▸ **Information**:
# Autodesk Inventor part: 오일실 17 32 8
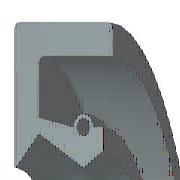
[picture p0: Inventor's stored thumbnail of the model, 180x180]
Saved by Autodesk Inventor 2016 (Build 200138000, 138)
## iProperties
IsCustomPart: 1
Created: 2012-02
Part Number: 오일실 17 32 8
Material: 고무
Description: 오일-실
Document SubType Name: Modeling
Standard: KS B 2804
Designer: mduedu
Standards Organization: KS
Language: ko-KR
Size Designation: D - 17 32 8
Categories: <MemberInstance><Categories><Category DisplayName="샤프트 부품" InternalName="7f7aeb1f-a693-4053-b835-cee3144e0d98" Mnemonic="SHFT"><Category DisplayName="실링" Intern
Density: 0.93 g/cm^3
Appearance: 고무 - 검은색 - 버전 1.1
Author: mduedu
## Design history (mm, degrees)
revolve "본체" stored, may be unused: angle "d17" = 90 deg
revolve "스프링1" stored, may be unused: angle "d18" = 90 deg
body "Solid1"
sketch "스케치1"
  geometry: L1 (0, 16)-(8, 16); L2 (8, 14.25)-(1.75, 14.25); L3 (1.75, 10.25)-(4.9, 8.5); L4 (4.9, 8.5)-(0, 8.5); L5 (0, 0)-(9.586, 0) reference; L6 (4.9, 8.5)-(6.3, 9.375); L7 (0, 18)-(0, -3) reference; L8 (-1.941, 0)-(11.507, 0) reference; L9 (4.2, 10.6)-(1.75, 11.21); L10 (1.75, 11.21)-(1.75, 14.25); L11 (0, 16)-(0, 8.588); L12 (4.9, 8.5)-(0, 8.5); L13 (1.75, 10.25)-(0.152, 8.528); L14 (8, 16)-(8, 14.25); L15 (5.6, 10.6)-(6.3, 10.6); L16 (6.3, 10.6)-(6.3, 9.375); C1 r 0.455 at (4.9, 10.6); A1 r 0.7 centre (4.9, 10.6) between (5.6, 10.6) and (4.2, 10.6); A2 r 0.088 centre (0.088, 8.588) between (0, 8.588) and (0.152, 8.528); 1 further point
  constraints: 28 end point, 5 horizontal alignment, 5 point on line, 4 point on circle, 4 vertical alignment, 3 centre point, 3 tangent, 2 collinear, 2 horizontal, 2 perpendicular, 1 coincident, 1 parallel
  dimensions: "d0" = 32 diameter of L1 L5 (= SD2); "d1" = 1.75 distance of L1.end L2.start (= SD); "d2" = 0.91 diameter of C1 (= SPDI); "d3" = 1.4 diameter of A1 (= SPDA); "d4" = 17 diameter of L3.end L5 (= NND); "d5" = 20.5 diameter of L3.start L5 (= TKDM); "d7" = 22.42 diameter of L9.end L5 (= TKDM + 0.24 x SWDT); "d8" = 1.75 distance between parallel lines of L11 L10 (= SD); "d9" = 4.9 distance from line of L11 C1.centre (= SPDST); "d10" = 21.2 diameter of C1.centre L5 (= HLDM); "d11" = 0.0875 radius of A2 (= 0.25 x LAB); "d12" = 6.3 distance between parallel lines of L11 L16 (= SDI); "d13" = 18.75 diameter of L6.end L5 (= ABDM); "d14" = 8 distance from line of L11 L1.end (= SWDT)
fillet "모깎기1" dims "d6" = 0.3 (= RR)
other parameters: "SD2" = 32 [user parameter; used in 1 equation term], "SWDT" = 8 [user parameter; used in 2 equation terms], "RR" = 0.3 [user parameter; used in 1 equation term], "SD" = 1.75 [user parameter; used in 2 equation terms], "NND" = 17 [user parameter; used in 1 equation term], "SPDA" = 1.4 [user parameter; used in 1 equation term], "SPDI" = 0.91 [user parameter; used in 1 equation term], "TKDM" = 20.5 [user parameter; used in 2 equation terms], "HLDM" = 21.2 [user parameter; used in 1 equation term], "ABDM" = 18.75 [user parameter; used in 1 equation term], "SDI" = 6.3 [user parameter; used in 1 equation term], "SPDST" = 4.9 [user parameter; used in 1 equation term], "LAB" = 0.35 [user parameter; used in 1 equation term], "d15" = 0, "d16" = 0, "d19" = 0
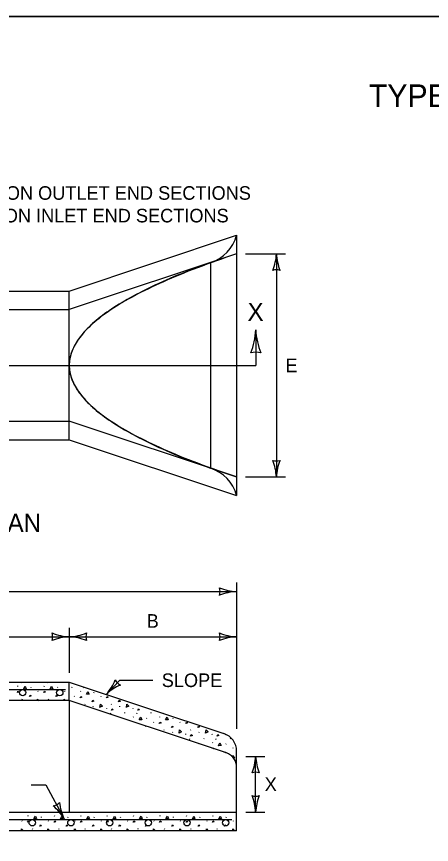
# Model space of a CAD drawing. Extents: x 49991.4 to 50021, y 49987.6 to 50011.4.
# Drawn here: x 50010.636 to 50012.469, y 49995.339 to 49998.999 of the extents above; entities that cross this region are included whole.
import ezdxf

# ---------------------------------------------------------------- set-up
doc = ezdxf.new("R2010")
doc.units = 0
for name, color, linetype in [('Level 1', 7, 'Continuous'), ('Level 2', 7, 'Continuous'), ('Level 3', 7, 'Continuous'), ('Level 4', 7, 'Continuous'), ('Level 6', 7, 'Continuous')]:
    doc.layers.add(name, color=color, linetype=linetype)

msp = doc.modelspace()

# ---------------------------------------------------------------- linework, layer by layer
at = {"layer": 'Level 1'}
for p, q in [((50010.8686, 49997.7858), (50011.6083, 49998.0325)), ((50011.6083, 49998.0325), (50011.6083, 49996.8818)), ((50011.4932, 49997.9121), (50011.4932, 49997.0023)), ((50009.6084, 49997.7858), (50010.8686, 49997.7858)), ((50010.8686, 49997.1282), (50010.8686, 49997.7858)), ((50009.6084, 49997.1282), (50010.8686, 49997.1282)), ((50010.8686, 49997.1282), (50011.6083, 49996.8818)), ((50009.6084, 49996.0573), (50010.8686, 49996.0573)), ((50010.6408, 49996.038), (50010.6418, 49996.0402)), ((50010.6552, 49996.0561), (50010.6562, 49996.0546)), ((50010.6562, 49996.0555), (50010.6572, 49996.0541)), ((50010.7195, 49996.0561), (50010.72, 49996.0573)), ((50010.7575, 49996.038), (50010.7585, 49996.0402)), ((50010.7719, 49996.0561), (50010.7729, 49996.0546)), ((50010.7729, 49996.0555), (50010.7738, 49996.0541)), ((50010.8362, 49996.0561), (50010.8367, 49996.0573)), ((50010.8686, 49996.0573), (50011.5522, 49995.8295)), ((50010.8686, 49995.975), (50010.8686, 49996.0573)), ((50010.8803, 49996.0334), (50010.8813, 49996.0356)), ((50010.6998, 49996.0324), (50010.7008, 49996.0346)), ((50010.7302, 49996.0169), (50010.7312, 49996.0154)), ((50010.8165, 49996.0324), (50010.8174, 49996.0346)), ((50010.8469, 49996.0169), (50010.8479, 49996.0154)), ((50010.9183, 49996.0153), (50010.9193, 49996.0175)), ((50010.9327, 49996.0334), (50010.9336, 49996.0319)), ((50010.9336, 49996.0328), (50010.9346, 49996.0314)), ((50010.9772, 49996.0097), (50010.9782, 49996.0119)), ((50010.8686, 49995.975), (50009.6906, 49995.975)), ((50010.6603, 49995.9806), (50010.6613, 49995.9827)), ((50010.777, 49995.9806), (50010.778, 49995.9827)), ((50011.5634, 49995.7435), (50010.8686, 49995.975)), ((50010.8686, 49995.975), (50010.8686, 49995.4819)), ((50010.891, 49995.9941), (50010.892, 49995.9927)), ((50011.0077, 49995.9941), (50011.0087, 49995.9927)), ((50010.9378, 49995.9578), (50010.9387, 49995.96)), ((50010.9748, 49995.9479), (50010.9758, 49995.95)), ((50011.0327, 49995.9417), (50011.033, 49995.9395)), ((50011.0545, 49995.9578), (50011.0554, 49995.96)), ((50011.0915, 49995.9479), (50011.0925, 49995.95)), ((50011.1494, 49995.9417), (50011.1497, 49995.9395)), ((50011.0493, 49995.9196), (50011.0503, 49995.9181)), ((50011.0503, 49995.919), (50011.0513, 49995.9176)), ((50011.1137, 49995.9196), (50011.1146, 49995.9218)), ((50011.1517, 49995.9015), (50011.1526, 49995.9037)), ((50011.166, 49995.9196), (50011.167, 49995.9181)), ((50011.167, 49995.919), (50011.168, 49995.9176)), ((50011.2106, 49995.8959), (50011.2116, 49995.8981)), ((50011.2303, 49995.9196), (50011.2313, 49995.9218)), ((50011.2684, 49995.9015), (50011.2693, 49995.9037)), ((50011.283, 49995.9192), (50011.2837, 49995.9181)), ((50011.2837, 49995.919), (50011.2847, 49995.9176)), ((50011.3273, 49995.8959), (50011.3283, 49995.8981)), ((50011.2411, 49995.8804), (50011.242, 49995.8789)), ((50011.3578, 49995.8804), (50011.3587, 49995.8789)), ((50011.2878, 49995.8441), (50011.2888, 49995.8462)), ((50011.3249, 49995.8341), (50011.3258, 49995.8363)), ((50011.3828, 49995.8279), (50011.383, 49995.8258)), ((50011.4045, 49995.8441), (50011.4055, 49995.8462)), ((50011.4416, 49995.8341), (50011.4425, 49995.8363)), ((50011.4995, 49995.8279), (50011.4997, 49995.8258)), ((50011.5584, 49995.8241), (50011.5591, 49995.8257)), ((50011.3994, 49995.8058), (50011.4004, 49995.8043)), ((50011.4004, 49995.8053), (50011.4014, 49995.8038)), ((50011.4445, 49995.7831), (50011.445, 49995.7843)), ((50011.4637, 49995.8058), (50011.4647, 49995.808)), ((50011.5017, 49995.7878), (50011.5027, 49995.7899)), ((50011.5161, 49995.8058), (50011.5171, 49995.8043)), ((50011.5171, 49995.8053), (50011.5181, 49995.8038)), ((50011.5607, 49995.7821), (50011.5617, 49995.7843)), ((50011.5804, 49995.8058), (50011.5814, 49995.808)), ((50011.5911, 49995.7666), (50011.5921, 49995.7651)), ((50011.6084, 49995.3998), (50011.6084, 49995.7515)), ((50009.6906, 49995.4819), (50011.6084, 49995.4819)), ((50010.6864, 49995.4645), (50010.6874, 49995.4667)), ((50010.7013, 49995.4819), (50010.7018, 49995.4811)), ((50010.7018, 49995.482), (50010.7028, 49995.4806)), ((50010.7454, 49995.4589), (50010.7464, 49995.4611)), ((50010.8031, 49995.4645), (50010.8041, 49995.4667)), ((50010.818, 49995.4819), (50010.8185, 49995.4811)), ((50010.8185, 49995.482), (50010.8195, 49995.4806)), ((50010.8621, 49995.4589), (50010.8631, 49995.4611)), ((50010.9198, 49995.4645), (50010.9208, 49995.4667)), ((50010.9347, 49995.4819), (50010.9352, 49995.4811)), ((50010.9352, 49995.482), (50010.9361, 49995.4806)), ((50010.9788, 49995.4589), (50010.9798, 49995.4611)), ((50011.0365, 49995.4645), (50011.0375, 49995.4667)), ((50011.0514, 49995.4819), (50011.0519, 49995.4811)), ((50011.0519, 49995.482), (50011.0528, 49995.4806)), ((50011.0955, 49995.4589), (50011.0964, 49995.4611)), ((50011.1532, 49995.4645), (50011.1542, 49995.4667)), ((50011.168, 49995.4819), (50011.1685, 49995.4811)), ((50011.1685, 49995.482), (50011.1695, 49995.4806)), ((50011.2122, 49995.4589), (50011.2131, 49995.4611)), ((50011.2699, 49995.4645), (50011.2709, 49995.4667)), ((50011.2847, 49995.4819), (50011.2852, 49995.4811)), ((50011.2852, 49995.482), (50011.2862, 49995.4806)), ((50011.3288, 49995.4589), (50011.3298, 49995.4611)), ((50011.3866, 49995.4645), (50011.3876, 49995.4667)), ((50011.4014, 49995.4819), (50011.4019, 49995.4811)), ((50011.4019, 49995.482), (50011.4029, 49995.4806)), ((50011.4455, 49995.4589), (50011.4465, 49995.4611)), ((50011.5033, 49995.4645), (50011.5042, 49995.4667)), ((50011.5181, 49995.4819), (50011.5186, 49995.4811)), ((50011.5186, 49995.482), (50011.5196, 49995.4806)), ((50011.5622, 49995.4589), (50011.5632, 49995.4611)), ((50010.6592, 49995.4434), (50010.6601, 49995.4419)), ((50010.7758, 49995.4434), (50010.7768, 49995.4419)), ((50010.8925, 49995.4434), (50010.8935, 49995.4419)), ((50011.0092, 49995.4434), (50011.0102, 49995.4419)), ((50011.1259, 49995.4434), (50011.1269, 49995.4419)), ((50011.2426, 49995.4434), (50011.2436, 49995.4419)), ((50011.3593, 49995.4434), (50011.3603, 49995.4419)), ((50011.476, 49995.4434), (50011.477, 49995.4419)), ((50011.5927, 49995.4434), (50011.5936, 49995.4419)), ((50011.6084, 49995.3998), (50009.6084, 49995.3998)), ((50010.7059, 49995.4071), (50010.7069, 49995.4092)), ((50010.8226, 49995.4071), (50010.8236, 49995.4092)), ((50010.9393, 49995.4071), (50010.9403, 49995.4092)), ((50011.056, 49995.4071), (50011.057, 49995.4092)), ((50011.1727, 49995.4071), (50011.1737, 49995.4092)), ((50011.2894, 49995.4071), (50011.2904, 49995.4092)), ((50011.4061, 49995.4071), (50011.407, 49995.4092)), ((50011.5228, 49995.4071), (50011.5237, 49995.4092))]:
    msp.add_line(p, q, dxfattribs=at)
msp.add_lwpolyline([(49999.3835, 49998.9992), (50016.7501, 49998.9992), (50016.7501, 49987.7988), (49999.3835, 49987.7988)], close=True, dxfattribs=at)
for points in [[(50010.6669, 49996.0259), (50010.6735, 49996.0383), (50010.6786, 49996.0268), (50010.6671, 49996.0259)], [(50010.7836, 49996.0259), (50010.7902, 49996.0383), (50010.7953, 49996.0268), (50010.7838, 49996.0259)], [(50009.7037, 49996.0243), (50010.8526, 49996.0243)], [(50010.6391, 49996.0105), (50010.642, 49996.0166), (50010.6469, 49996.013), (50010.6391, 49996.0105)], [(50010.6925, 49995.9931), (50010.6954, 49995.9992), (50010.7003, 49995.9955), (50010.6925, 49995.9931)], [(50010.7558, 49996.0105), (50010.7587, 49996.0166), (50010.7636, 49996.013), (50010.7558, 49996.0105)], [(50010.8092, 49995.9931), (50010.8121, 49995.9992), (50010.817, 49995.9955), (50010.8092, 49995.9931)], [(50010.9444, 49996.0032), (50010.9509, 49996.0156), (50010.956, 49996.0041), (50010.9446, 49996.0032)], [(50010.728, 49995.975), (50010.7289, 49995.982), (50010.7357, 49995.975)], [(50010.8447, 49995.975), (50010.8456, 49995.982), (50010.8524, 49995.975)], [(50010.9166, 49995.9878), (50010.9195, 49995.9939), (50010.9244, 49995.9902), (50010.9166, 49995.9878)], [(50010.97, 49995.9704), (50010.9729, 49995.9765), (50010.9778, 49995.9728), (50010.97, 49995.9704)], [(50011.0333, 49995.9878), (50011.0362, 49995.9939), (50011.0411, 49995.9902), (50011.0333, 49995.9878)], [(50011.0867, 49995.9704), (50011.0896, 49995.9765), (50011.0945, 49995.9728), (50011.0867, 49995.9704)], [(50011.0044, 49995.9453), (50011.0064, 49995.9593), (50011.0151, 49995.9503), (50011.0047, 49995.9454)], [(50011.055, 49995.9323), (50011.0579, 49995.9384), (50011.0627, 49995.9347), (50011.055, 49995.9323)], [(50011.1211, 49995.9453), (50011.1231, 49995.9593), (50011.1318, 49995.9503), (50011.1214, 49995.9454)], [(50011.1716, 49995.9323), (50011.1746, 49995.9384), (50011.1794, 49995.9347), (50011.1716, 49995.9323)], [(50011.1777, 49995.8894), (50011.1843, 49995.9018), (50011.1894, 49995.8903), (50011.178, 49995.8894)], [(50011.2944, 49995.8894), (50011.301, 49995.9018), (50011.3061, 49995.8903), (50011.2947, 49995.8894)], [(50011.2062, 49995.8625), (50011.2063, 49995.8627), (50011.2068, 49995.8623)], [(50011.2666, 49995.874), (50011.2696, 49995.8801), (50011.2744, 49995.8765), (50011.2666, 49995.874)], [(50011.32, 49995.8566), (50011.323, 49995.8627), (50011.3278, 49995.859), (50011.32, 49995.8566)], [(50011.3833, 49995.874), (50011.3863, 49995.8801), (50011.3911, 49995.8765), (50011.3833, 49995.874)], [(50011.4367, 49995.8566), (50011.4397, 49995.8627), (50011.4445, 49995.859), (50011.4367, 49995.8566)], [(50011.3545, 49995.8315), (50011.3564, 49995.8455), (50011.3652, 49995.8365), (50011.3547, 49995.8316)], [(50011.405, 49995.8185), (50011.4079, 49995.8246), (50011.4128, 49995.8209), (50011.405, 49995.8185)], [(50011.4712, 49995.8315), (50011.4731, 49995.8455), (50011.4819, 49995.8365), (50011.4714, 49995.8316)], [(50011.5217, 49995.8185), (50011.5246, 49995.8246), (50011.5295, 49995.8209), (50011.5217, 49995.8185)], [(50011.5278, 49995.7756), (50011.5344, 49995.788), (50011.5395, 49995.7765), (50011.528, 49995.7756)], [(50011.5018, 49995.764), (50011.5029, 49995.7663), (50011.5078, 49995.7627), (50011.5068, 49995.7624)], [(50011.5551, 49995.7463), (50011.5563, 49995.7489), (50011.5612, 49995.7452), (50011.5597, 49995.7447)], [(50011.5892, 49995.7271), (50011.5898, 49995.7317), (50011.5985, 49995.7227), (50011.594, 49995.7206)], [(50010.7125, 49995.4524), (50010.7191, 49995.4648), (50010.7242, 49995.4533), (50010.7128, 49995.4524)], [(50010.8292, 49995.4524), (50010.8358, 49995.4648), (50010.8409, 49995.4533), (50010.8294, 49995.4524)], [(50010.9459, 49995.4524), (50010.9525, 49995.4648), (50010.9576, 49995.4533), (50010.9461, 49995.4524)], [(50011.0626, 49995.4524), (50011.0692, 49995.4648), (50011.0743, 49995.4533), (50011.0628, 49995.4524)], [(50011.1793, 49995.4524), (50011.1858, 49995.4648), (50011.191, 49995.4533), (50011.1795, 49995.4524)], [(50011.296, 49995.4524), (50011.3025, 49995.4648), (50011.3077, 49995.4533), (50011.2962, 49995.4524)], [(50011.4126, 49995.4524), (50011.4192, 49995.4648), (50011.4243, 49995.4533), (50011.4129, 49995.4524)], [(50011.5293, 49995.4524), (50011.5359, 49995.4648), (50011.541, 49995.4533), (50011.5296, 49995.4524)], [(50009.706, 49995.4491), (50011.5866, 49995.4491)], [(50010.6847, 49995.437), (50010.6877, 49995.4431), (50010.6925, 49995.4395), (50010.6847, 49995.437)], [(50010.7381, 49995.4196), (50010.7411, 49995.4257), (50010.7459, 49995.422), (50010.7381, 49995.4196)], [(50010.8014, 49995.437), (50010.8043, 49995.4431), (50010.8092, 49995.4395), (50010.8014, 49995.437)], [(50010.8548, 49995.4196), (50010.8577, 49995.4257), (50010.8626, 49995.422), (50010.8548, 49995.4196)], [(50010.9181, 49995.437), (50010.921, 49995.4431), (50010.9259, 49995.4395), (50010.9181, 49995.437)], [(50010.9715, 49995.4196), (50010.9744, 49995.4257), (50010.9793, 49995.422), (50010.9715, 49995.4196)], [(50011.0348, 49995.437), (50011.0377, 49995.4431), (50011.0426, 49995.4395), (50011.0348, 49995.437)], [(50011.0882, 49995.4196), (50011.0911, 49995.4257), (50011.096, 49995.422), (50011.0882, 49995.4196)], [(50011.1515, 49995.437), (50011.1544, 49995.4431), (50011.1593, 49995.4395), (50011.1515, 49995.437)], [(50011.2049, 49995.4196), (50011.2078, 49995.4257), (50011.2127, 49995.422), (50011.2049, 49995.4196)], [(50011.2682, 49995.437), (50011.2711, 49995.4431), (50011.276, 49995.4395), (50011.2682, 49995.437)], [(50011.3216, 49995.4196), (50011.3245, 49995.4257), (50011.3294, 49995.422), (50011.3216, 49995.4196)], [(50011.3849, 49995.437), (50011.3878, 49995.4431), (50011.3927, 49995.4395), (50011.3849, 49995.437)], [(50011.4383, 49995.4196), (50011.4412, 49995.4257), (50011.4461, 49995.422), (50011.4383, 49995.4196)], [(50011.5016, 49995.437), (50011.5045, 49995.4431), (50011.5094, 49995.4395), (50011.5016, 49995.437)], [(50011.555, 49995.4196), (50011.5579, 49995.4257), (50011.5628, 49995.422), (50011.555, 49995.4196)], [(50010.6566, 49995.3998), (50010.6578, 49995.4085), (50010.6663, 49995.3998)], [(50010.7733, 49995.3998), (50010.7745, 49995.4085), (50010.783, 49995.3998)], [(50010.89, 49995.3998), (50010.8912, 49995.4085), (50010.8996, 49995.3998)], [(50011.0067, 49995.3998), (50011.0079, 49995.4085), (50011.0163, 49995.3998)], [(50011.1234, 49995.3998), (50011.1246, 49995.4085), (50011.133, 49995.3998)], [(50011.2401, 49995.3998), (50011.2413, 49995.4085), (50011.2497, 49995.3998)], [(50011.3568, 49995.3998), (50011.358, 49995.4085), (50011.3664, 49995.3998)], [(50011.4735, 49995.3998), (50011.4747, 49995.4085), (50011.4831, 49995.3998)], [(50011.5902, 49995.3998), (50011.5914, 49995.4085), (50011.5998, 49995.3998)]]:
    msp.add_lwpolyline(points, dxfattribs=at)
for centre in [(50010.6627, 49996.0104), (50010.8268, 49996.0104), (50010.705, 49995.4351), (50010.8759, 49995.4351), (50011.0469, 49995.4351), (50011.2179, 49995.4351), (50011.3888, 49995.4351), (50011.5598, 49995.4351)]:
    msp.add_circle(centre, 0.014, dxfattribs=at)
for centre, radius, start, end in [((50011.4431, 49998.0752), 0.1706, 287.0832, 345.4927), ((50011.4431, 49996.8391), 0.1706, 14.5073, 72.9168), ((50011.5261, 49995.7515), 0.0822, 0, 71.5597), ((50011.5426, 49995.6811), 0.0658, 0, 71.5569)]:
    msp.add_arc(centre, radius, start, end, dxfattribs=at)
for points in [[(50011.6083, 49997.9502), (50010.1288, 49997.457), (50011.6083, 49996.964)], [(50011.4932, 49997.9121), (50010.2439, 49997.457), (50011.4932, 49997.0023)]]:
    msp.add_open_spline(points, degree=2, dxfattribs=at)
at = {"layer": 'Level 2'}
msp.add_line((50016.7501, 49998.9992), (49999.3835, 49998.9992), dxfattribs=at)
at = {"layer": 'Level 3'}
for p, q in [((50011.6483, 49997.9502), (50011.8241, 49997.9502)), ((50011.7841, 49997.9502), (50011.7841, 49996.964)), ((50011.6483, 49996.964), (50011.8241, 49996.964)), ((50011.6084, 49996.4973), (50011.6084, 49995.9869)), ((50009.6084, 49996.4573), (50011.6084, 49996.4573)), ((50010.8686, 49996.2973), (50010.8686, 49996.0973)), ((50009.6084, 49996.2573), (50010.8686, 49996.2573)), ((50010.8686, 49996.2573), (50011.6084, 49996.2573)), ((50011.0927, 49996.0651), (50011.0324, 49996.0027)), ((50011.0927, 49996.0651), (50011.2374, 49996.0651)), ((50011.6084, 49995.9869), (50011.6084, 49995.8507)), ((50011.6484, 49995.7286), (50011.7325, 49995.7286)), ((50011.6925, 49995.4819), (50011.6925, 49995.7286)), ((50010.7, 49995.6034), (50010.7655, 49995.6034)), ((50010.7655, 49995.6034), (50010.846, 49995.4526)), ((50011.6484, 49995.4819), (50011.7325, 49995.4819))]:
    msp.add_line(p, q, dxfattribs=at)
for centre, radius, start, end in [((50011.5709, 49997.959), 0.2134, 337.456, 357.6395), ((50012.0075, 49997.9612), 0.2237, 182.8273, 202.0772), ((50011.7841, 49997.8271), 0.0526, 72.1388, 107.8612), ((50011.3969, 49997.6258), 0.2964, 337.456, 357.6395), ((50012.0034, 49997.6289), 0.3107, 182.8273, 202.0772), ((50011.6931, 49997.4426), 0.073, 72.1388, 107.8612), ((50011.7841, 49997.0871), 0.0526, 252.1388, 287.8612), ((50011.5607, 49996.953), 0.2237, 2.8273, 22.0772), ((50011.9973, 49996.9552), 0.2134, 157.456, 177.6395), ((50011.6176, 49996.6794), 0.2223, 247.456, 267.6395), ((50011.4802, 49996.4573), 0.0548, 342.1388, 17.8612), ((50011.6199, 49996.2246), 0.233, 92.8273, 112.0772), ((50010.8778, 49996.4794), 0.2223, 247.456, 267.6395), ((50010.7404, 49996.2573), 0.0548, 342.1388, 17.8612), ((50010.8801, 49996.0246), 0.233, 92.8273, 112.0772), ((50010.8571, 49996.49), 0.233, 272.8273, 292.0772), ((50010.8594, 49996.0352), 0.2223, 67.456, 87.6395), ((50010.9968, 49996.2573), 0.0548, 162.1388, 197.8612), ((50011.6176, 49996.4794), 0.2223, 247.456, 267.6395), ((50011.4802, 49996.2573), 0.0548, 342.1388, 17.8612), ((50011.6199, 49996.0246), 0.233, 92.8273, 112.0772), ((50010.8642, 49996.1501), 0.2237, 318.7754, 338.0252), ((50011.1796, 49995.8481), 0.2134, 113.4041, 133.5876), ((50011.118, 49996.0912), 0.0526, 208.0869, 243.8093), ((50011.4793, 49995.7374), 0.2134, 337.456, 357.6395), ((50011.9159, 49995.7396), 0.2237, 182.8273, 202.0772), ((50011.6925, 49995.6055), 0.0526, 72.1388, 107.8612), ((50010.7881, 49995.5612), 0.0526, 280.2056, 315.928), ((50011.0383, 49995.5452), 0.2134, 185.5228, 205.7063), ((50011.6925, 49995.605), 0.0526, 252.1388, 287.8612), ((50011.4691, 49995.4709), 0.2237, 2.8273, 22.0772), ((50011.9057, 49995.4731), 0.2134, 157.456, 177.6395), ((50010.6541, 49995.3378), 0.2237, 30.8941, 50.144)]:
    msp.add_arc(centre, radius, start, end, dxfattribs=at)
at = {"layer": 'Level 4'}
for p, q in [((50011.6083, 49997.9502), (50010.8686, 49997.7037)), ((50009.6906, 49997.7037), (50010.8686, 49997.7037)), ((50009.6906, 49997.2105), (50010.8686, 49997.2105)), ((50011.6083, 49996.964), (50010.8686, 49997.2105))]:
    msp.add_line(p, q, dxfattribs=at)
at = {"layer": 'Level 6'}
for p in [(50011.6931, 49997.6136), (50009.528, 49997.457)]:
    msp.add_line(p, (50011.6931, 49997.457), dxfattribs=at)

# ---------------------------------------------------------------- texts
at = {"layer": 'Level 2'}
for s, height, p in [('TYPE "B"', 0.1, (50012.1927, 49998.5992)), ('GROOVE END ON OUTLET END SECTIONS', 0.06, (50010.022, 49998.1892)), ('TONGUE END ON INLET END SECTIONS', 0.06, (50010.022, 49998.0892)), ('X', 0.08, (50011.6564, 49997.6536)), ('E', 0.06, (50011.8241, 49997.4271)), ('PLAN', 0.08, (50010.4646, 49996.721)), ('B', 0.06, (50011.2108, 49996.2973)), ('SLOPE', 0.06, (50011.2774, 49996.0351)), ('X', 0.06, (50011.7325, 49995.5753))]:
    msp.add_text(s, height=height, dxfattribs=at).set_placement(p)

doc.saveas('drawing.dxf')

▸ **Problem to work on**:
Please tally the lines of the listing that include the string "Level". Give the total alone.

▸ **Completed task**:
7